■ WHAT THE TASK REQUIRES
Once the pictures are set aside, copy the data below exactly as it stands.

■ SOURCE INFORMATION
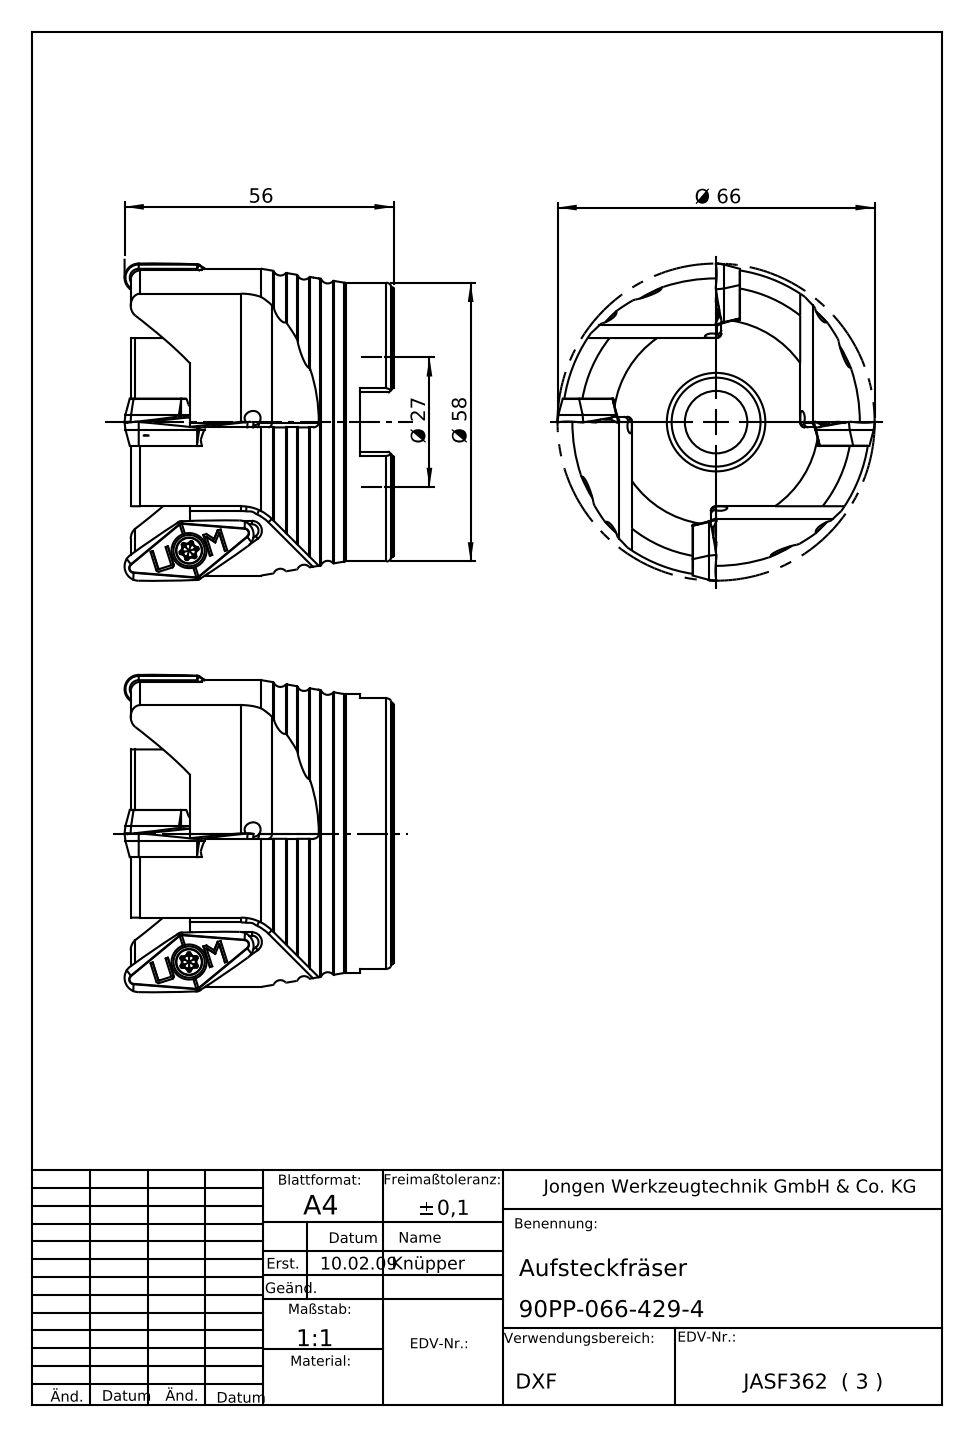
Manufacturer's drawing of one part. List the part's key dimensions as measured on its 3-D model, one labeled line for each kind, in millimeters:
Part name (STEP PRODUCT): 90PP-066-429-4
STEP written by: SolidWorks 2013 (AUTOMOTIVE_DESIGN)
Units: millimetres
Bodies: 1 solid, 156 faces (59 planar, 30 cylindrical, 67 other)
Overall size (bounding box): 66.06 × 66.06 × 56
Volume: 111 131 mm³ · Surface area: 23 554 mm²
Round holes (diameter × count): ⌀3 ×4, ⌀13 ×1, ⌀18.5 ×1, ⌀26.85 ×1, ⌀27.15 ×1, ⌀27.3 ×1
Round bosses / shafts (diameter × count): ⌀58 ×1
Partial cylindrical surfaces — rounded edges, fillets, slot ends (radius × count): R1 ×8, R1.36 ×4, R9 ×4, R31.95 ×1
Main face-to-face distances: 42.42, 16.4, 18.6, 35.42, 7, 17.42, 18, 25, 5.1, 7.3
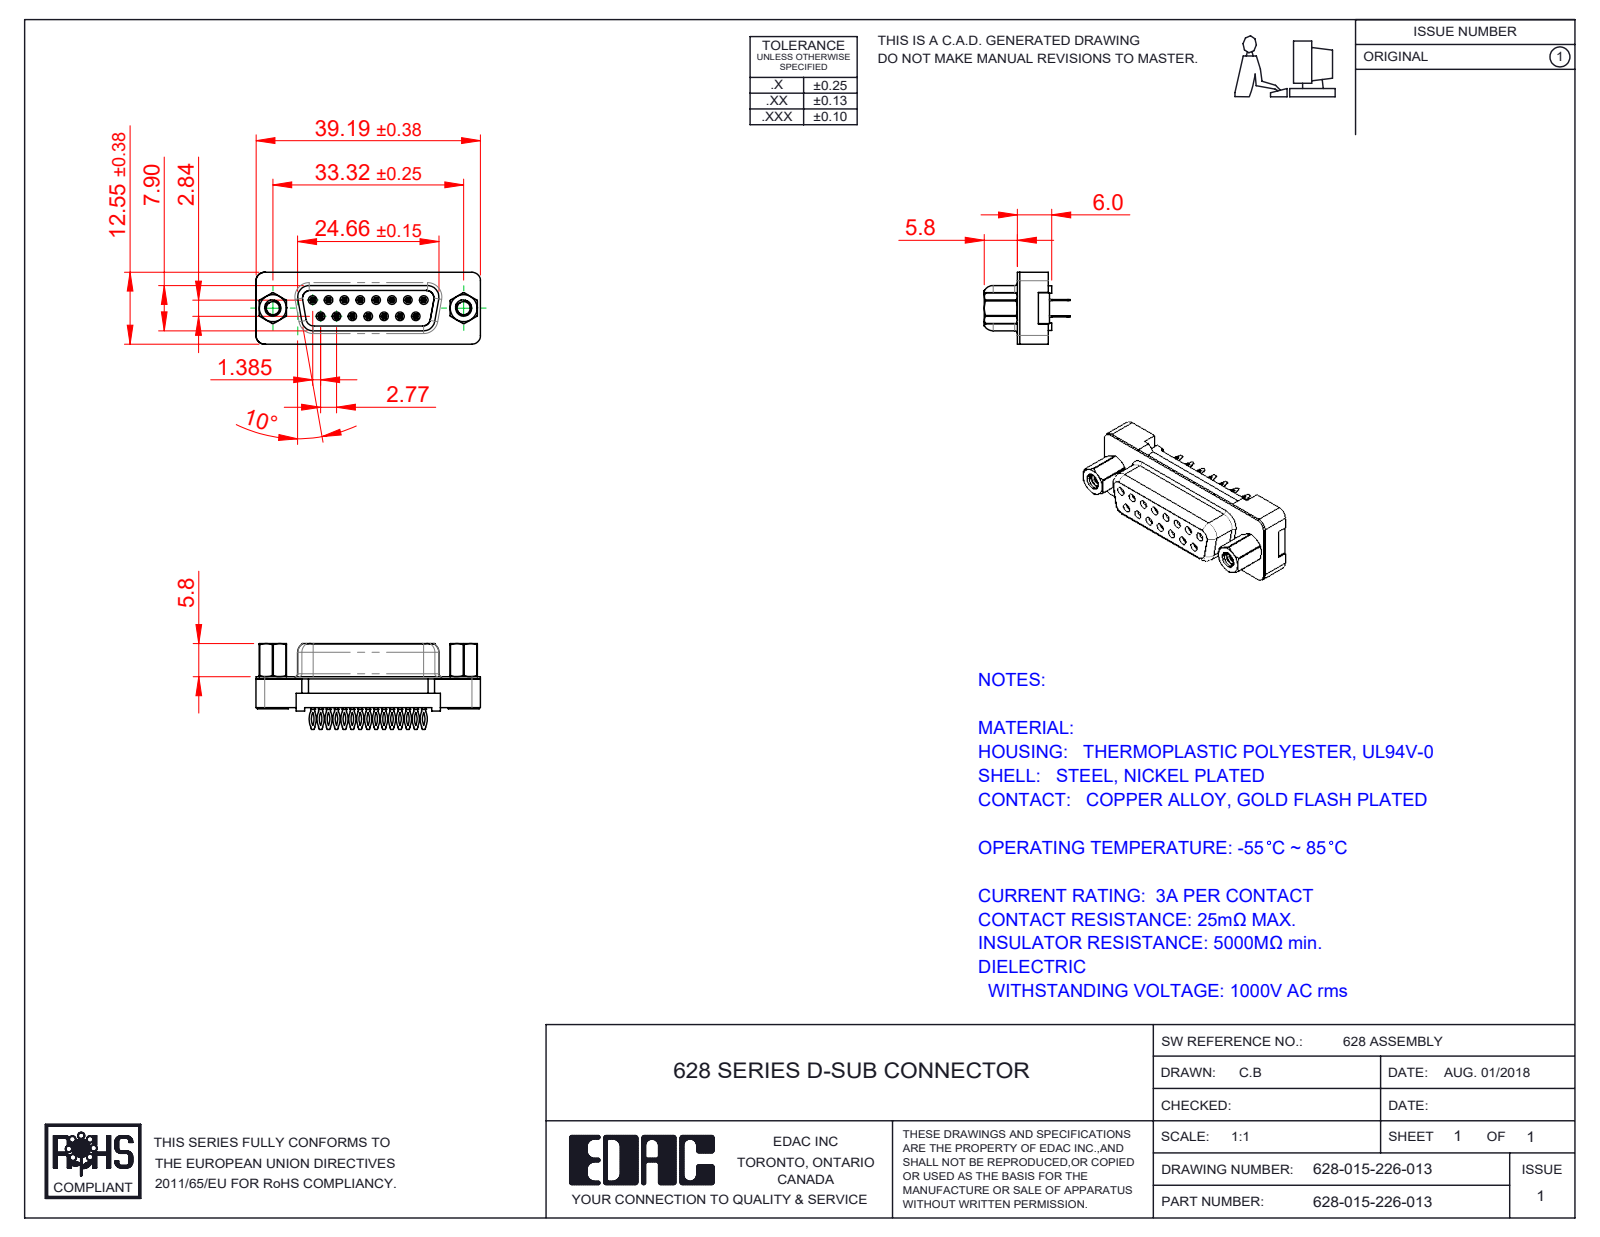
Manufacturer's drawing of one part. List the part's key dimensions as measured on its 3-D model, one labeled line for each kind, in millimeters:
Part name (STEP PRODUCT): 628 PB Contact Row 1_26; 628 Plastic Body Housing_15 Contacts; 628-015-226-013; 628 PB Contact Row 2_26 (+3 more)
STEP written by: SolidWorks 2020 (CONFIG_CONTROL_DESIGN)
Units: millimetres
Bodies: 21 solids, 1721 faces (676 planar, 476 cylindrical, 569 other)
Overall size (bounding box): 39.2 × 15 × 12.55
Volume: 2 664 mm³ · Surface area: 6 386 mm²
Round holes (diameter × count): ⌀0.9 ×15, ⌀2.26 ×2, ⌀2.29 ×2, ⌀3.05 ×2, ⌀4 ×2, ⌀4.8 ×2, ⌀5 ×2
Round bosses / shafts (diameter × count): ⌀4.9 ×2, ⌀2.79 ×2
Partial cylindrical surfaces — rounded edges, fillets, slot ends (radius × count): R0.25 ×60, R2.92 ×30, R3.33 ×30, R0.5 ×19, R0.3 ×15, R1.35 ×12, R1.5 ×8, R0.9 ×4
Main face-to-face distances: 0.4, 5.54, 2, 2.5, 6.2, 2.77, 0.68, 5.52, 2.68, 3.52
Hole centre spacings: 3.16, 2.77, 5.54, 8.31, 11.08, 5.03, 5.04, 7.48
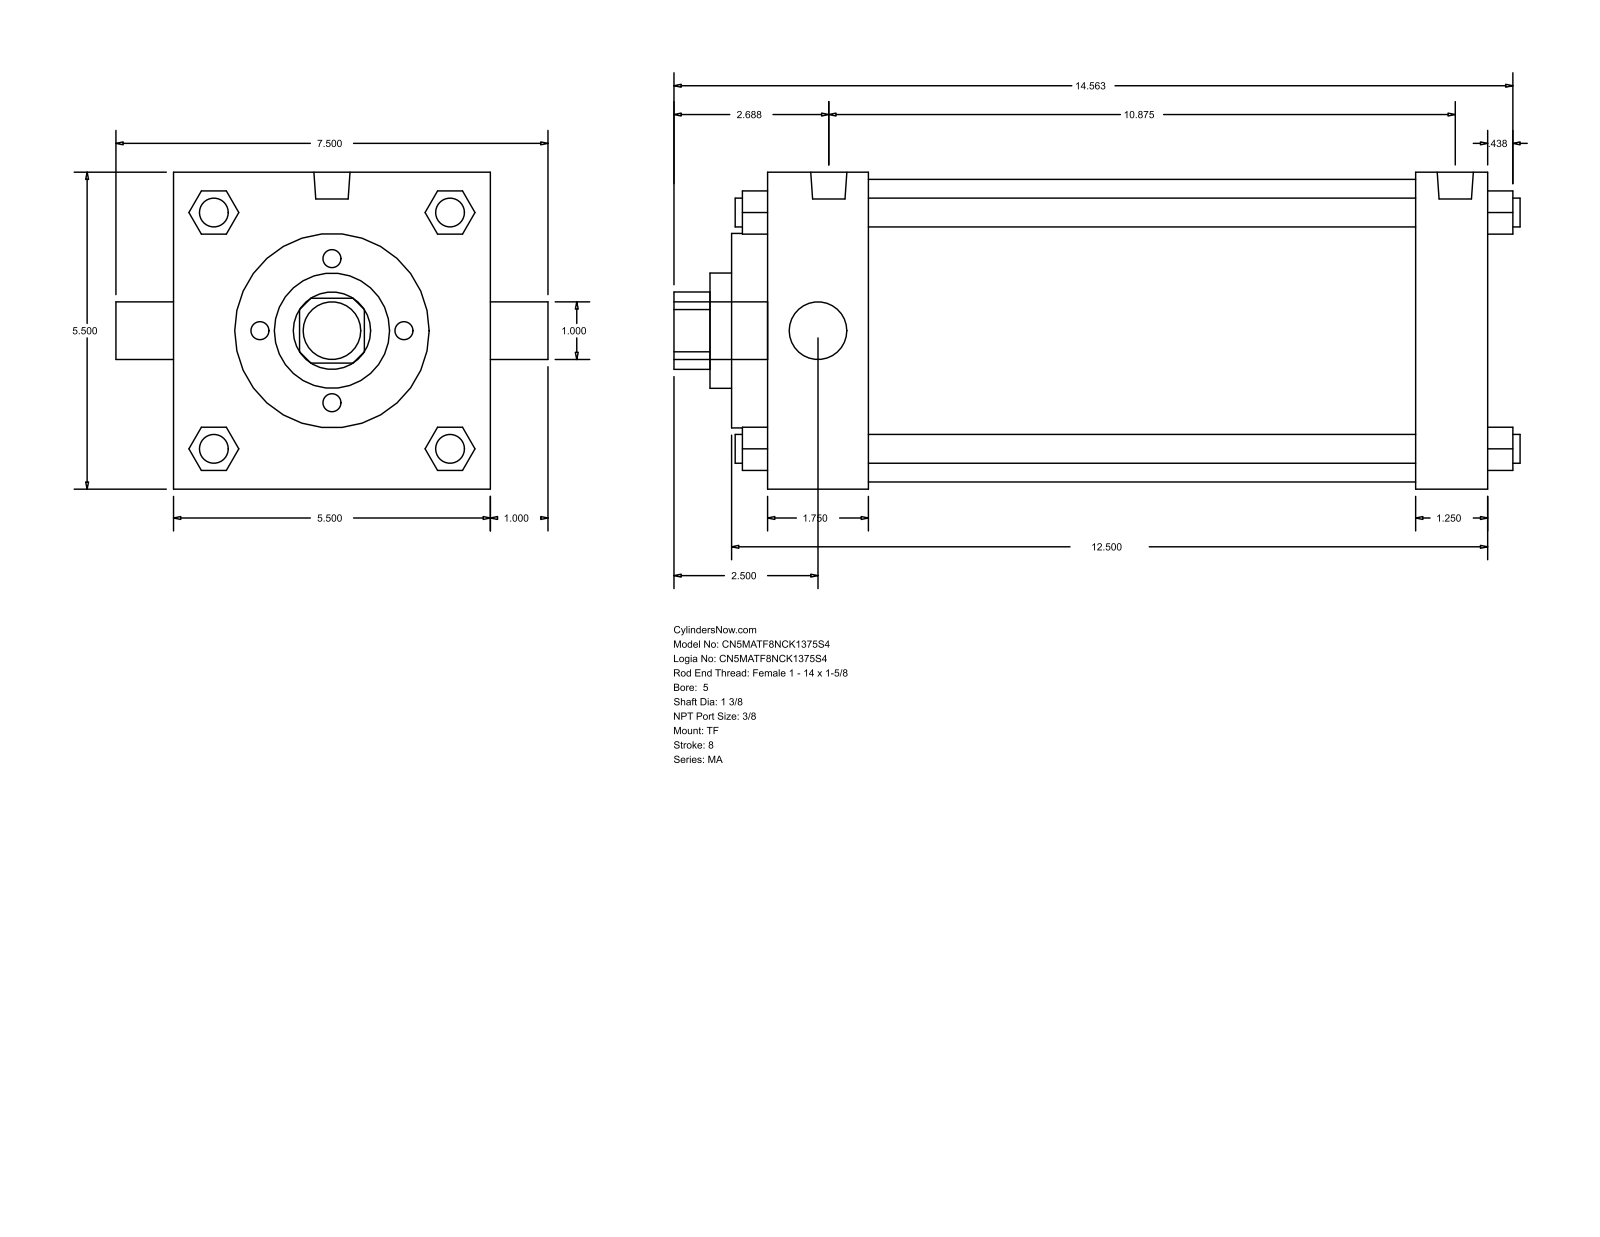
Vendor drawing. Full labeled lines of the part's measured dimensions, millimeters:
Part name (STEP PRODUCT): MA_TF__0500_1.375
STEP written by: GSSL Pune (CONFIG_CONTROL_DESIGN)
Units: millimetres
Bodies: 0 solids, 122 faces (93 planar, 29 cylindrical, 0 other)
Overall size (bounding box): 373.06 × 190.5 × 139.7
Round holes (diameter × count): ⌀25.4 ×1, ⌀34.92 ×1, ⌀50.8 ×1, ⌀85.72 ×1, ⌀133.35 ×1
Round bosses / shafts (diameter × count): ⌀12.7 ×4, ⌀11.11 ×3, ⌀15.93 ×2, ⌀25.4 ×1
Partial cylindrical surfaces — rounded edges, fillets, slot ends (radius × count): R17.06 ×1
Main face-to-face distances: 139.7, 317.5, 285.75, 31.75, 44.45, 241.3, 273.05, 15.87, 60.32, 301.62

■ ANSWER BOX
Manufacturer's drawing of one part. List the part's key dimensions as measured on its 3-D model, one labeled line for each kind, in millimeters:
Part name (STEP PRODUCT): 90PP-066-429-4
STEP written by: SolidWorks 2013 (AUTOMOTIVE_DESIGN)
Units: millimetres
Bodies: 1 solid, 156 faces (59 planar, 30 cylindrical, 67 other)
Overall size (bounding box): 66.06 × 66.06 × 56
Volume: 111 131 mm³ · Surface area: 23 554 mm²
Round holes (diameter × count): ⌀3 ×4, ⌀13 ×1, ⌀18.5 ×1, ⌀26.85 ×1, ⌀27.15 ×1, ⌀27.3 ×1
Round bosses / shafts (diameter × count): ⌀58 ×1
Partial cylindrical surfaces — rounded edges, fillets, slot ends (radius × count): R1 ×8, R1.36 ×4, R9 ×4, R31.95 ×1
Main face-to-face distances: 42.42, 16.4, 18.6, 35.42, 7, 17.42, 18, 25, 5.1, 7.3
Manufacturer's drawing of one part. List the part's key dimensions as measured on its 3-D model, one labeled line for each kind, in millimeters:
Part name (STEP PRODUCT): 628 PB Contact Row 1_26; 628 Plastic Body Housing_15 Contacts; 628-015-226-013; 628 PB Contact Row 2_26 (+3 more)
STEP written by: SolidWorks 2020 (CONFIG_CONTROL_DESIGN)
Units: millimetres
Bodies: 21 solids, 1721 faces (676 planar, 476 cylindrical, 569 other)
Overall size (bounding box): 39.2 × 15 × 12.55
Volume: 2 664 mm³ · Surface area: 6 386 mm²
Round holes (diameter × count): ⌀0.9 ×15, ⌀2.26 ×2, ⌀2.29 ×2, ⌀3.05 ×2, ⌀4 ×2, ⌀4.8 ×2, ⌀5 ×2
Round bosses / shafts (diameter × count): ⌀4.9 ×2, ⌀2.79 ×2
Partial cylindrical surfaces — rounded edges, fillets, slot ends (radius × count): R0.25 ×60, R2.92 ×30, R3.33 ×30, R0.5 ×19, R0.3 ×15, R1.35 ×12, R1.5 ×8, R0.9 ×4
Main face-to-face distances: 0.4, 5.54, 2, 2.5, 6.2, 2.77, 0.68, 5.52, 2.68, 3.52
Hole centre spacings: 3.16, 2.77, 5.54, 8.31, 11.08, 5.03, 5.04, 7.48
Vendor drawing. Full labeled lines of the part's measured dimensions, millimeters:
Part name (STEP PRODUCT): MA_TF__0500_1.375
STEP written by: GSSL Pune (CONFIG_CONTROL_DESIGN)
Units: millimetres
Bodies: 0 solids, 122 faces (93 planar, 29 cylindrical, 0 other)
Overall size (bounding box): 373.06 × 190.5 × 139.7
Round holes (diameter × count): ⌀25.4 ×1, ⌀34.92 ×1, ⌀50.8 ×1, ⌀85.72 ×1, ⌀133.35 ×1
Round bosses / shafts (diameter × count): ⌀12.7 ×4, ⌀11.11 ×3, ⌀15.93 ×2, ⌀25.4 ×1
Partial cylindrical surfaces — rounded edges, fillets, slot ends (radius × count): R17.06 ×1
Main face-to-face distances: 139.7, 317.5, 285.75, 31.75, 44.45, 241.3, 273.05, 15.87, 60.32, 301.62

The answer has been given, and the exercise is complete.